Work to be completed → Check each line of the listing below for the string "Thin", and copy the ones that have it.

Source records →
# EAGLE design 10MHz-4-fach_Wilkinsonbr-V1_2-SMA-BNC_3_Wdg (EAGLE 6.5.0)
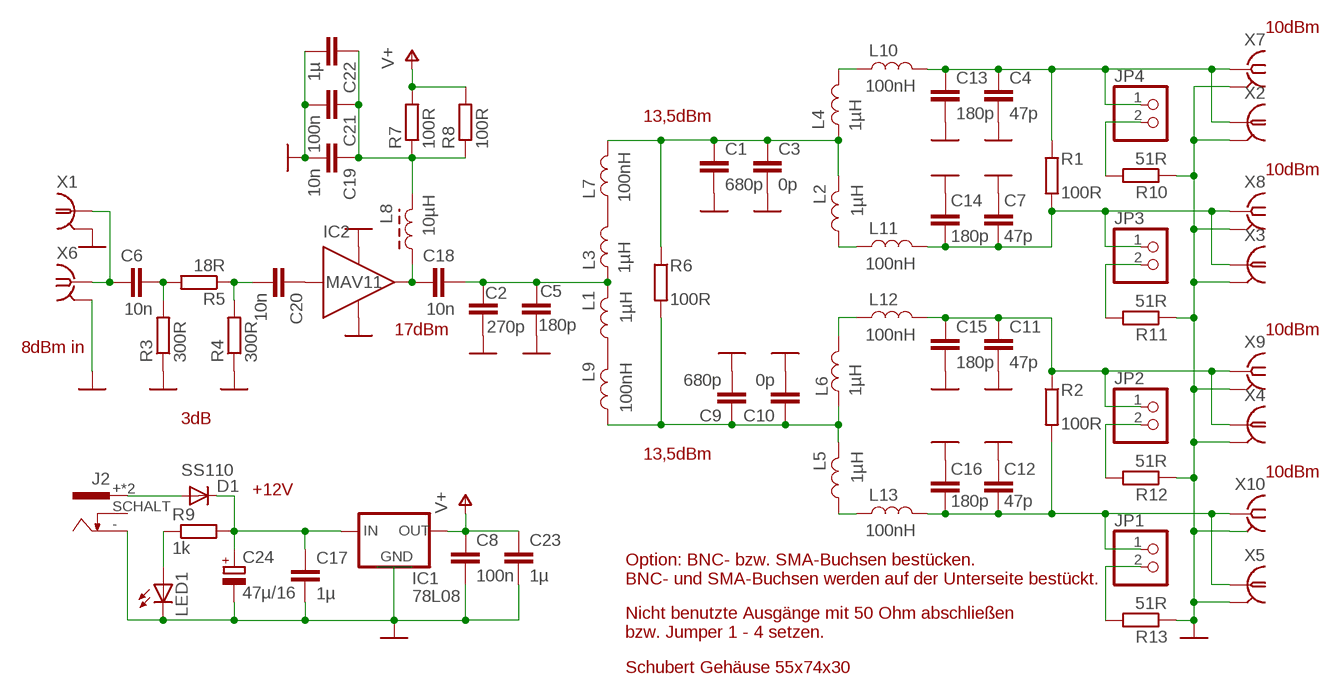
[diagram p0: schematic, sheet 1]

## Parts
C1  680p  C-EUC1206  [C1206]
C2  270p  C-EUC1206  [C1206]
C3  0p  C-EUC1206  [C1206]
C4  47p  C-EUC1206  [C1206]
C5  180p  C-EUC1206  [C1206]
C6  10n  C-EUC1206  [C1206]
C7  47p  C-EUC1206  [C1206]
C8  100n  C-EUC1206  [C1206]
C9  680p  C-EUC1206  [C1206]
C10  0p  C-EUC1206  [C1206]
C11  47p  C-EUC1206  [C1206]
C12  47p  C-EUC1206  [C1206]
C13  180p  C-EUC1206  [C1206]
C14  180p  C-EUC1206  [C1206]
C15  180p  C-EUC1206  [C1206]
C16  180p  C-EUC1206  [C1206]
C17  1µ  C-EUC1206  [C1206]
C18  10n  C-EUC1206  [C1206]
C19  10n  C-EUC1206  [C1206]
C20  10n  C-EUC1206  [C1206]
C21  100n  C-EUC1206  [C1206]
C22  1µ  C-EUC1206  [C1206]
C23  1µ  C-EUC1206  [C1206]
C24  47µ/16  CPOL-EUC/6032-28R  [C/6032-28R]
D1  SS110  DIODE-MELF-MLL41  [MELF-MLL41]
IC1  78L08  78XXLOB  [SO-08]
IC2  MAV11  MAV1  [MAV]
J2  HOHLBUCHSE-SMT-INVERS  [HOHLBUCHSESMT+INNEN]
JP1  PINHD-1X2  [1X02]
JP2  PINHD-1X2  [1X02]
JP3  PINHD-1X2  [1X02]
JP4  PINHD-1X2  [1X02]
L1  1µH  L-3_WDG  [L3230M]
L2  1µH  L-3_WDG  [L3230M]
L3  1µH  L-3_WDG  [L3230M]
L4  1µH  L-3_WDG  [L3230M]
L5  1µH  L-3_WDG  [L3230M]
L6  1µH  L-3_WDG  [L3230M]
L7  100nH  L-3_WDG  [L3230M]
L8  10µH  L-3-WDG-FERRIT  [L3230M]
L9  100nH  L-3_WDG  [L3230M]
L10  100nH  L-3_WDG  [L3230M]
L11  100nH  L-3_WDG  [L3230M]
L12  100nH  L-3_WDG  [L3230M]
L13  100nH  L-3_WDG  [L3230M]
LED1  NFSG036BT  [NFSG036BT]
R1  100R  R-EU_R1206  [R1206]
R2  100R  R-EU_R1206  [R1206]
R3  300R  R-EU_R1206  [R1206]
R4  300R  R-EU_R1206  [R1206]
R5  18R  R-EU_R1206  [R1206]
R6  100R  R-EU_R1206  [R1206]
R7  100R  R-EU_R1206  [R1206]
R8  100R  R-EU_R1206  [R1206]
R9  1k  R-EU_R1206  [R1206]
R10  51R  R-EU_R1206  [R1206]
R11  51R  R-EU_R1206  [R1206]
R12  51R  R-EU_R1206  [R1206]
R13  51R  R-EU_R1206  [R1206]
X1  1-227161-0  [AMP_227161]
X2  1-227161-0  [AMP_227161]
X3  1-227161-0  [AMP_227161]
X4  1-227161-0  [AMP_227161]
X5  1-227161-0  [AMP_227161]
X6  BU-SMA-H  [BU-SMA-H]
X7  BU-SMA-H  [BU-SMA-H]
X8  BU-SMA-H  [BU-SMA-H]
X9  BU-SMA-H  [BU-SMA-H]
X10  BU-SMA-H  [BU-SMA-H]

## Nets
GND: C1.2 C2.2 C3.2 C4.2 C5.2 C7.2 C8.2 C9.2 C10.2 C11.2 C12.2 C13.2 C14.2 C15.2 C16.2 C17.2 C19.2 C21.2 C22.2 C23.2 C24.- IC1.2(GND) IC1.3(GND) IC1.6(GND) IC1.7(GND) IC2.GND1 IC2.GND2 J2.-(+) LED1.C R3.1 R4.1 R10.1 R11.1 R12.1 R13.1 X1.2 X2.2 X3.2 X4.2 X5.2 X7.2 X7.3 X7.4 X7.5 X8.2 X8.3 X8.4 X8.5 X9.2 X9.3 X9.4 X9.5 X10.2 X10.3 X10.4 X10.5
N$1: C1.1 C3.1 L2.2 L4.1 L7.2 R6.1
N$2: C7.1 C14.1 JP3.1 L11.2 R1.2 X3.1 X8.1
N$3: C2.1 C5.1 C18.2 L1.2 L3.1
N$4: C4.1 C13.1 JP4.1 L10.2 R1.1 X2.1 X7.1
N$5: C9.1 C10.1 L5.2 L6.1 L9.1 R6.2
N$6: C12.1 C16.1 JP1.1 L13.2 R2.2 X5.1 X10.1
N$7: C11.1 C15.1 JP2.1 L12.2 R2.1 X4.1 X9.1
N$8: C20.2 R4.2 R5.1
N$9: C6.2 R3.2 R5.2
N$10: C6.1 X1.1 X6.1
N$11: L3.2 L7.1
N$12: LED1.A R9.1
N$13: C17.1 C24.+ D1.C IC1.8(IN) R9.2
N$14: L1.1 L9.2
N$15: L4.2 L10.1
N$16: C20.1 IC2.IN
N$17: C19.1 C21.1 C22.1 L8.2 R7.1 R8.1
N$18: C18.1 IC2.OUT L8.1
N$19: L6.2 L12.1
N$20: L5.1 L13.1
N$21: L2.1 L11.1
N$22: JP4.2 R10.2
N$23: JP3.2 R11.2
N$24: JP2.2 R12.2
N$25: JP1.2 R13.2
N$26: D1.A J2.+(-) J2.@+(-)
V+: C8.1 C23.1 IC1.1(OUT) R7.2 R8.2
Unconnected: J2.SCHALT X6.2 X6.3 X6.4 X6.5

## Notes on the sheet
- 10dBm
- 13,5dBm
- 10dBm
- 17dBm | 10dBm
- 8dBm in
- 3dB
- 13,5dBm
- 10dBm
- +12V
- Option: BNC- bzw. SMA-Buchsen bestücken.
  BNC- und SMA-Buchsen werden auf der Unterseite bestückt.
- Nicht benutzte Ausgänge mit 50 Ohm abschließen
  bzw. Jumper 1 - 4 setzen.
- Schubert Gehäuse 55x74x30

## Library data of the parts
C1-C23 = rcl:C-EU: CAPACITOR, European symbol
C24 = rcl:CPOL-EU: POLARIZED CAPACITOR, European symbol
D1 = diode:DIODE-: DIODE
IC1 = dk3ha-2015-01:78XXLOB: Gehäuse SO-08
IC2 = dk3ha-2015-01:MAV1
J2 = dk3ha-2015-01:HOHLBUCHSE-SMT-INVERS: Innenstift Minuspol
JP1-JP4 = pinhead:PINHD-1X2: PIN HEADER
L1-L7 L9-L13 = rcl:L-3_WDG
L8 = rcl:L-3-WDG-FERRIT
LED1 = led:NFSG036BT: CHIP TYPE GREEN LED NFSx036xT
R1-R13 = rcl:R-EU_: RESISTOR, European symbol
X1-X5 = con-coax:?227161*: JACK, RIGHT ANGLE, 50 OHM, PCB, BNC; MF: TYCO ELECTRONICS; MPN: 1-227161; OC_FARNELL: unknown; OC_NEWARK: 33B3200
X6-X10 = con-coax:BU-SMA-H: FEMALE SMA CONNECTOR; OC_FARNELL: unknown; OC_NEWARK: unknown

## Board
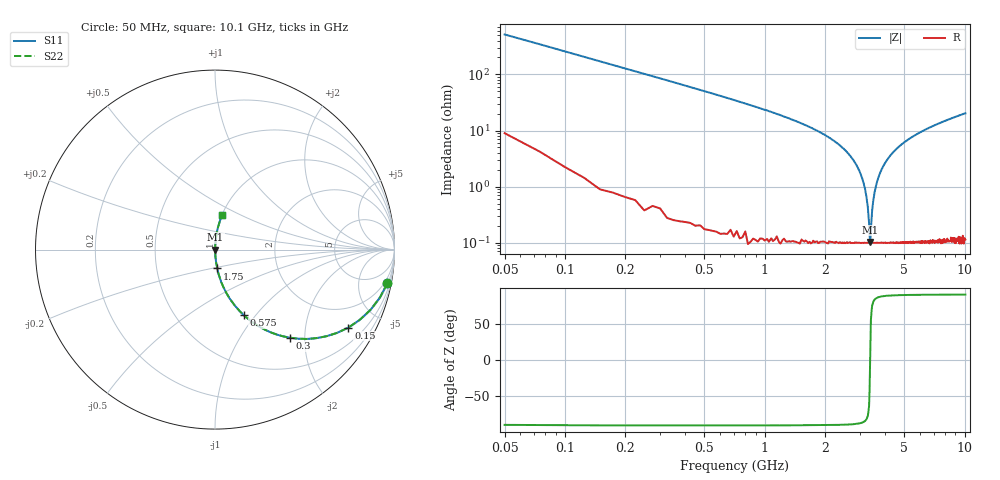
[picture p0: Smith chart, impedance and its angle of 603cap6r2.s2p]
! AVX Thin Film Operation		Date: November 2004
! Description: Accu-P® Series, Thin Film, SMD, RF Capacitor
! Part Number: 06035J6R2BBT
! 50 MHz  -  10.05 GHz
! Serial Measurements
# hz S db R 50
!	S11		S21		S12		S22
!	dB	Phase	dB	Phase	dB	Phase	dB	Phase
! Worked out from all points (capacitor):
!   400 points, 50 MHz to 10.1 GHz, reference 50 ohm
!   read as one part in series: C = 6.2 pF near 100 MHz
!   lowest |Z| = 104 mohm at 3.38 GHz (marker M1)
!   series resonance near 3.373 GHz, so ESL is about 360 pH
!   S11 on the Smith chart (normalised r, x): 50 MHz: 1, -10; 150 MHz: 1.02, -3.41; 300 MHz: 1.01, -1.70; 575 MHz: 1.00, -0.87; 1.75 GHz: 1.00, -0.21; 10.1 GHz: 1.00, +0.40
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5e7  -0.19 -11.0  -14.40 78.0  -14.40 78.0  -0.19 -11.0
1.5e8  -1.30 -30.3  -5.95 59.4  -5.95 59.4  -1.30 -30.3
3e8  -3.80 -49.5  -2.37 40.2  -2.37 40.2  -3.80 -49.5
5.75e8  -8.02 -66.4  -0.76 23.4  -0.76 23.4  -8.02 -66.4
1.73e9  -19.20 -83.2  -0.06 6.3  -0.06 6.3  -19.20 -83.2
1.75e9  -19.50 -83.3  -0.06 6.1  -0.06 6.1  -19.50 -83.3
2.53e9  -27.00 -86.2  -0.02 2.5  -0.02 2.5  -27.00 -86.2
2.98e9  -34.40 -85.9  -0.01 1.1  -0.01 1.1  -34.40 -85.9
3.23e9  -43.50 -81.1  -0.01 0.4  -0.01 0.4  -43.50 -81.1
3.28e9  -47.10 -76.7  -0.01 0.2  -0.01 0.2  -47.10 -76.7
3.33e9  -53.00 -63.2  -0.01 0.1  -0.01 0.1  -53.00 -63.2
3.35e9  -57.60 -40.4  -0.01 0.0  -0.01 0.0  -57.60 -40.4
3.38e9  -59.70 15.7  -0.01 -0.0  -0.01 -0.0  -59.70 15.7
3.4e9  -55.30 54.5  -0.01 -0.1  -0.01 -0.1  -55.30 54.5
3.45e9  -48.50 74.4  -0.01 -0.2  -0.01 -0.2  -48.50 74.4
3.55e9  -41.90 82.4  -0.01 -0.5  -0.01 -0.5  -41.90 82.4
3.8e9  -34.70 85.8  -0.01 -1.1  -0.01 -1.1  -34.70 85.8
4.25e9  -28.90 86.3  -0.01 -2.0  -0.01 -2.0  -28.90 86.3
5.08e9  -23.90 85.4  -0.03 -3.7  -0.03 -3.7  -23.90 85.4
6.75e9  -18.90 82.9  -0.07 -6.5  -0.07 -6.5  -18.90 82.9
8.43e9  -16.00 80.5  -0.12 -9.1  -0.12 -9.1  -16.00 80.5
1.01e10  -14.10 78.3  -0.18 -11.4  -0.18 -11.4  -14.10 78.3
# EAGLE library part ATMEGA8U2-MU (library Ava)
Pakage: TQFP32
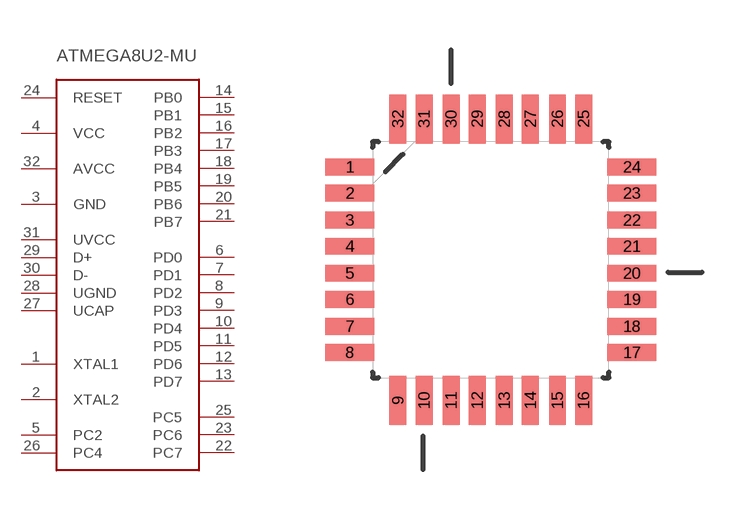
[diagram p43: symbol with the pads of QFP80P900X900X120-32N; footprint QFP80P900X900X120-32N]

Designator prefix -

## ATMEGA8U2-MU  [QFP80P900X900X120-32N]
1  XTAL1
2  XTAL2
3  GND
4  VCC
5  PC2
6  PD0
7  PD1
8  PD2
9  PD3
10  PD4
11  PD5
12  PD6
13  PD7
14  PB0
15  PB1
16  PB2
17  PB3
18  PB4
19  PB5
20  PB6
21  PB7
22  PC7
23  PC6
24  RESET
25  PC5
26  PC4
27  UCAP
28  UGND
29  D+
30  D-
31  UVCC
32  AVCC

## Footprint QFP80P900X900X120-32N (pad centres in mm)
smd 1.473 x 0.508: 1 -4.242,2.794; 2 -4.242,2.007; 3 -4.242,1.194; 4 -4.242,0.406; 5 -4.242,-0.406; 6 -4.242,-1.194; 7 -4.242,-2.007; 8 -4.242,-2.794; 17 4.242,-2.794; 18 4.242,-2.007; 19 4.242,-1.194; 20 4.242,-0.406; 21 4.242,0.406; 22 4.242,1.194; 23 4.242,2.007; 24 4.242,2.794
smd 0.508 x 1.473: 9 -2.794,-4.242; 10 -2.007,-4.242; 11 -1.194,-4.242; 12 -0.406,-4.242; 13 0.406,-4.242; 14 1.194,-4.242; 15 2.007,-4.242; 16 2.794,-4.242; 25 2.794,4.242; 26 2.007,4.242; 27 1.194,4.242; 28 0.406,4.242; 29 -0.406,4.242; 30 -1.194,4.242; 31 -2.007,4.242; 32 -2.794,4.242

Answer space →
! AVX Thin Film Operation		Date: November 2004
! Description: Accu-P® Series, Thin Film, SMD, RF Capacitor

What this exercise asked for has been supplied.